Emit realistic event streams with configurable throughput, out-of-order delivery, burst windows, and anomaly injection.

Prerequisites

  • Completed Tutorial 05: Star Schema (or equivalent experience)
  • Familiarity with Spindle.generate() and domain objects
  • Basic understanding of event-driven architectures

What You'll Learn

  • How to configure SpindleStreamer with StreamConfig
  • How to write events to files with FileSink and to the console with ConsoleSink
  • How to control throughput with rate limiting and realtime mode
  • How to simulate traffic spikes with BurstWindow
  • How to inject out-of-order events for late-arrival testing
  • How to inject labeled anomalies with AnomalyRegistry

Time Estimate

~20 minutes


Step 1 -- Stream Events to a File

The SpindleStreamer emits generated rows one by one through a sink. The two built-in sinks require no extra packages:

Sink Purpose
ConsoleSink Print events to stdout (development/debugging)
FileSink Write events as newline-delimited JSON (JSONL)

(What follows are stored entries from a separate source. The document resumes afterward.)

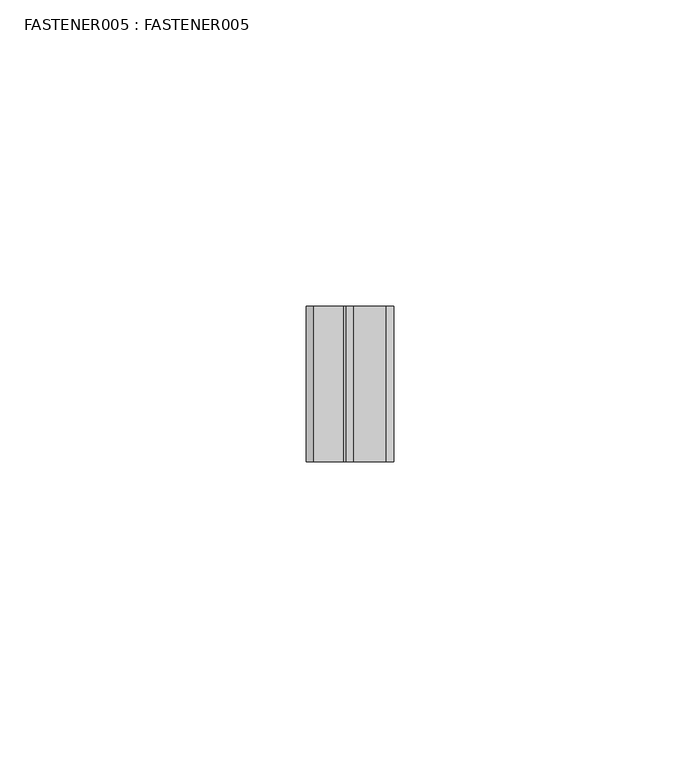
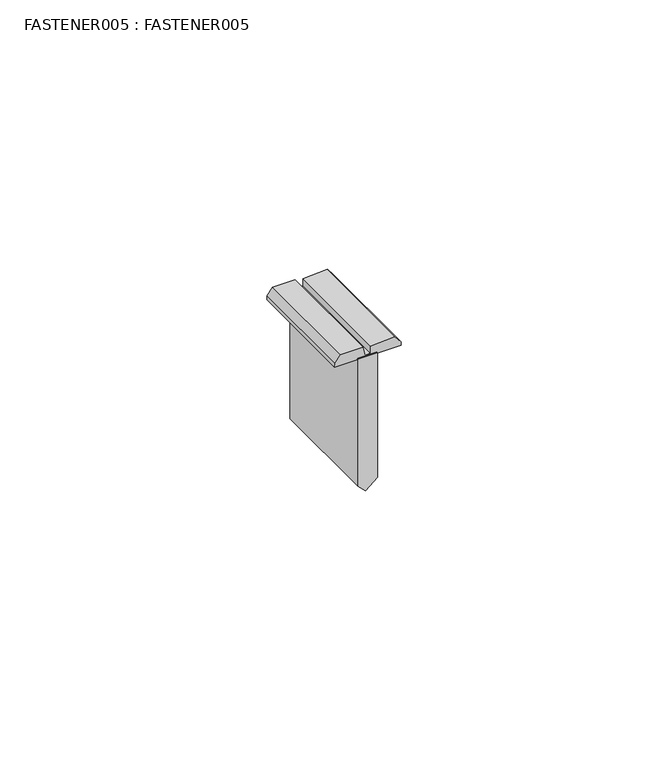
"""IFC4 building model written with IfcOpenShell, lengths in millimetres: proxy geometry, FASTENER005 : FASTENER005."""

import ifcopenshell
import ifcopenshell.guid

model = None  # the IFC model being written
_history = None  # IfcOwnerHistory: only IFC2X3 demands one
_inside = {}  # id of a spatial element -> (the spatial element, [elements in it])
_under = {}  # id of a project, library or spatial element -> (it, [spatial elements below it])
_declared = {}  # id of a project -> (the project, [libraries it declares])
_typed = {}  # id of a type object -> (the type object, [elements of that type])
_made_of = {}  # id of a material, layer set ... -> (it, [elements and type objects made of it])


def new_model(schema):
    """Start an empty IFC model of exactly this schema.

    Asked for "IFC4X3", IfcOpenShell would pick the latest addendum, in which some entities
    have other attributes; the version numbers below select the first issue.
    IFC2X3 requires an IfcOwnerHistory on every rooted entity: one is made here for all.
    """
    global model, _history
    if schema == "IFC4X3":
        model = ifcopenshell.file(schema_version=(4, 3, 0, 0))
    else:
        model = ifcopenshell.file(schema=schema)
    _inside.clear()
    _under.clear()
    _declared.clear()
    _typed.clear()
    _made_of.clear()
    _history = None
    if model.schema == "IFC2X3":
        org = make("IfcOrganization", Name="unknown")
        user = make(
            "IfcPersonAndOrganization",
            ThePerson=make("IfcPerson", FamilyName="unknown"),
            TheOrganization=org,
        )
        app = make(
            "IfcApplication",
            ApplicationDeveloper=org,
            Version="unknown",
            ApplicationFullName="unknown",
            ApplicationIdentifier="unknown",
        )
        _history = make(
            "IfcOwnerHistory",
            OwningUser=user,
            OwningApplication=app,
            ChangeAction="ADDED",
            CreationDate=0,
        )
    return model


def make(cls, **values):
    """One entity of the class cls with the attributes given. An attribute that is None is left unset."""
    return model.create_entity(
        cls, **{name: value for name, value in values.items() if value is not None}
    )


def rooted(cls, **values):
    """An entity with a GlobalId (a new one), such as an element, a storey or a relation."""
    return make(cls, GlobalId=ifcopenshell.guid.new(), OwnerHistory=_history, **values)


def si_unit(unit_type, name, prefix=None):
    """IfcSIUnit, for example si_unit("LENGTHUNIT", "METRE", prefix="MILLI")."""
    return make("IfcSIUnit", UnitType=unit_type, Prefix=prefix, Name=name)


def assignment(units):
    """IfcUnitAssignment: the units of a project."""
    return None if units is None else make("IfcUnitAssignment", Units=units)


def point(xyz):
    """IfcCartesianPoint."""
    return None if xyz is None else make("IfcCartesianPoint", Coordinates=xyz)


def direction(xyz):
    """IfcDirection."""
    return None if xyz is None else make("IfcDirection", DirectionRatios=xyz)


def frame(location, z_axis=None, x_axis=None):
    """IfcAxis2Placement3D, a coordinate frame: its origin and axes. An axis left out is left unset."""
    return make(
        "IfcAxis2Placement3D",
        Location=point(location),
        Axis=direction(z_axis),
        RefDirection=direction(x_axis),
    )


def origin():
    """The frame at (0, 0, 0) with its axes left unset."""
    return frame((0.0, 0.0, 0.0))


def place(relative_to, where):
    """IfcLocalPlacement: puts the frame where relative to a parent placement (None: the world)."""
    return make(
        "IfcLocalPlacement", PlacementRelTo=relative_to, RelativePlacement=where
    )


def context(
    kind, dimensions, precision=None, world=None, true_north=None, identifier=None
):
    """IfcGeometricRepresentationContext, for example the 3D "Model" context."""
    return make(
        "IfcGeometricRepresentationContext",
        ContextIdentifier=identifier,
        ContextType=kind,
        CoordinateSpaceDimension=dimensions,
        Precision=precision,
        WorldCoordinateSystem=world,
        TrueNorth=true_north,
    )


def project(units=None, contexts=None):
    """IfcProject with its units and contexts."""
    return rooted(
        "IfcProject",
        Name="project",
        RepresentationContexts=contexts,
        UnitsInContext=assignment(units),
    )


def spatial(cls, under=None, at=None, **own):
    """A site, building, storey or space (cls), placed at a placement, below another one or the project."""
    s = rooted(cls, ObjectPlacement=at, **own)
    if under is not None:
        _under.setdefault(under.id(), (under, []))[1].append(s)
    return s


def polyline(points):
    """IfcPolyline through the points."""
    return make("IfcPolyline", Points=[point(p) for p in points])


def outline(outer, holes=None, kind="AREA"):
    """IfcArbitraryClosedProfileDef: a profile drawn as a closed curve; with holes, ...WithVoids."""
    if holes is None:
        return make("IfcArbitraryClosedProfileDef", ProfileType=kind, OuterCurve=outer)
    return make(
        "IfcArbitraryProfileDefWithVoids",
        ProfileType=kind,
        OuterCurve=outer,
        InnerCurves=holes,
    )


def extrude(swept, where, along, depth):
    """IfcExtrudedAreaSolid: the profile swept, set in the frame where, extruded along a direction by depth."""
    return make(
        "IfcExtrudedAreaSolid",
        SweptArea=swept,
        Position=where,
        ExtrudedDirection=direction(along),
        Depth=depth,
    )


def shape(context_of_items, identifier, shape_type, items):
    """IfcShapeRepresentation: the items that make up one representation, for example the "Body"."""
    return make(
        "IfcShapeRepresentation",
        ContextOfItems=context_of_items,
        RepresentationIdentifier=identifier,
        RepresentationType=shape_type,
        Items=items,
    )


def source(mapping_origin, context_of_items, identifier, shape_type, items):
    """IfcRepresentationMap: a shape defined once, which mapped items show again and again."""
    return make(
        "IfcRepresentationMap",
        MappingOrigin=mapping_origin,
        MappedRepresentation=shape(context_of_items, identifier, shape_type, items),
    )


def transform(
    local_origin,
    x_axis=None,
    y_axis=None,
    z_axis=None,
    scale=None,
    scale2=None,
    scale3=None,
    uniform=True,
):
    """IfcCartesianTransformationOperator3D, or its non-uniform kind. x_axis, y_axis, z_axis: its Axis1, 2, 3."""
    if uniform:
        return make(
            "IfcCartesianTransformationOperator3D",
            Axis1=direction(x_axis),
            Axis2=direction(y_axis),
            LocalOrigin=point(local_origin),
            Scale=scale,
            Axis3=direction(z_axis),
        )
    return make(
        "IfcCartesianTransformationOperator3DnonUniform",
        Axis1=direction(x_axis),
        Axis2=direction(y_axis),
        LocalOrigin=point(local_origin),
        Scale=scale,
        Axis3=direction(z_axis),
        Scale2=scale2,
        Scale3=scale3,
    )


def mapped(mapping_source, mapping_target):
    """IfcMappedItem: shows the shape of a source again, moved by a transform."""
    return make(
        "IfcMappedItem", MappingSource=mapping_source, MappingTarget=mapping_target
    )


def made_of(thing, what):
    """Note that an element or type object is made of a material, layer set ...; save() writes the relation."""
    if what is not None:
        _made_of.setdefault(what.id(), (what, []))[1].append(thing)
    return thing


def element(
    cls,
    number,
    at=None,
    inside=None,
    cuts=None,
    type_object=None,
    material=None,
    context=None,
    identifier="Body",
    shape_type=None,
    held_by="IfcProductDefinitionShape",
    body=None,
    shapes=None,
    **own,
):
    """One element of the class cls, such as IfcWall. Its Tag is "e" and its number.

    at: its placement. inside: the storey or other place that contains it. cuts: it is an
    opening in that element (IfcRelVoidsElement). A single representation is given by context,
    identifier, shape_type and body (its items); several are given by shapes. held_by: the class
    of the entity that holds the representations. save() writes the other relations.
    """
    e = rooted(cls, Tag="e%d" % number, ObjectPlacement=at, **own)
    if body is not None:
        shapes = [shape(context, identifier, shape_type, body)]
    if shapes is not None:
        e.Representation = make(held_by, Representations=shapes)
    if inside is not None:
        _inside.setdefault(inside.id(), (inside, []))[1].append(e)
    if cuts is not None:
        rooted(
            "IfcRelVoidsElement", RelatingBuildingElement=cuts, RelatedOpeningElement=e
        )
    if type_object is not None:
        _typed.setdefault(type_object.id(), (type_object, []))[1].append(e)
    return made_of(e, material)


def aggregate(whole, parts):
    """IfcRelAggregates: a whole, such as a stair, and the parts it consists of."""
    return rooted("IfcRelAggregates", RelatingObject=whole, RelatedObjects=parts)


def save(model, path):
    """Write the relations noted so far, then the file.

    IfcRelAggregates (storeys below a building ...), IfcRelContainedInSpatialStructure (elements
    in a storey), IfcRelDefinesByType, IfcRelAssociatesMaterial and IfcRelDeclares: one each for
    every whole, place, type object, material and project.
    """
    for whole, parts in _under.values():
        aggregate(whole, parts)
    for where, things in _inside.values():
        rooted(
            "IfcRelContainedInSpatialStructure",
            RelatedElements=things,
            RelatingStructure=where,
        )
    for kind, things in _typed.values():
        rooted("IfcRelDefinesByType", RelatedObjects=things, RelatingType=kind)
    for what, things in _made_of.values():
        rooted("IfcRelAssociatesMaterial", RelatedObjects=things, RelatingMaterial=what)
    for by, libraries in _declared.values():
        rooted("IfcRelDeclares", RelatingContext=by, RelatedDefinitions=libraries)
    model.write(path)


def fastener005_fastener005_4a0cef2c(model_context):
    return source(origin(), model_context, "Body", "SweptSolid", [
        extrude(outline(polyline([(42579.6987049, 5977.3107075), (42550.7399648, 5977.3107075), (42549.1244121, 5978.9677221), (42551.3049701, 5981.517626), (42579.6987049, 5981.517626), (42579.6987049, 5977.3107075)])), frame((0.0, -1078.2906574, 0.0), z_axis=(0.0, 1.0, 0.0), x_axis=(0.0, 0.0, 1.0)), (0.0, 0.0, 1.0), 25.4),
        extrude(outline(polyline([(42579.6987049, 5986.5634932), (42580.508527, 5986.5634932), (42582.1023984, 5985.3247911), (42581.7061629, 5980.0391089), (42580.1167322, 5980.0391089), (42580.1167322, 5978.792004), (42582.1288635, 5978.3957685), (42582.1288635, 5973.5166866), (42580.5349921, 5972.2779845), (42579.6987049, 5972.2671879), (42579.6987049, 5986.5634932)])), frame((0.0, -1078.2906574, 0.0), z_axis=(0.0, 1.0, 0.0), x_axis=(0.0, 0.0, 1.0)), (0.0, 0.0, 1.0), 25.4),
    ])


if __name__ == "__main__":
    model = new_model("IFC4")
    model_context = context("Model", 3, world=origin())
    ifc_project = project(units=[si_unit("LENGTHUNIT", "METRE", prefix="MILLI")], contexts=[model_context])
    site = spatial("IfcSite", under=ifc_project)
    building = spatial("IfcBuilding", under=site)
    placement = place(None, origin())
    fastener005_fastener005_shape = fastener005_fastener005_4a0cef2c(model_context)
    element("IfcBuildingElementProxy", 1, Name="FASTENER005 : FASTENER005", ObjectType="FASTENER005 : FASTENER005", at=placement, inside=building, context=model_context, shape_type="MappedRepresentation", body=[
        mapped(fastener005_fastener005_shape, transform((0.0, 0.0, 0.0), x_axis=(1.0, 0.0, 0.0), y_axis=(0.0, 1.0, 0.0), z_axis=(0.0, 0.0, 1.0))),
    ])
    save(model, "model.ifc")

# Revit data of these elements
# Type "FASTENER005 : FASTENER005"
#   NameOverride = "FASTENER005"
# Element 1 (IfcBuildingElementProxy, "FASTENER005 : FASTENER005")
#   Materials on its faces: "ENGINEERED PANCAKE HEAD FASTENER @ 12\" O.C."
# Materials
#   "ENGINEERED PANCAKE HEAD FASTENER @ 12\" O.C.": class "Unassigned", colour RGB 255 255 255, transparency 0, Cost = 0

Start by streaming retail order events to a JSONL file:

from sqllocks_spindle import SpindleStreamer, StreamConfig, FileSink, RetailDomain

config = StreamConfig(
    events_per_second=100,
    max_events=500,
    out_of_order_fraction=0.05,
)

sink = FileSink("./stream_demo/events.jsonl", mode="w")
streamer = SpindleStreamer(
    domain=RetailDomain(),
    sink=sink,
    config=config,
    scale="small",
    seed=42,
)

result = streamer.stream("order")
sink.close()

print(f"Events sent: {result.events_sent}")
print(f"Out-of-order events: {result.out_of_order_count}")
print(f"Duration: {result.duration_seconds:.2f}s")

Each line in the JSONL file is a self-contained JSON object representing one event. Every event includes _spindle_table and _spindle_seq metadata fields automatically.

Step 2 -- Inspect the Output

Before wiring a stream into a production pipeline, inspect the event shape:

import json

with open("./stream_demo/events.jsonl") as f:
    for i, line in enumerate(f):
        if i >= 3:
            break
        event = json.loads(line)
        print(json.dumps(event, indent=2, default=str))

Each event contains the full row payload -- order ID, customer references, totals, status, and timestamps -- plus Spindle metadata.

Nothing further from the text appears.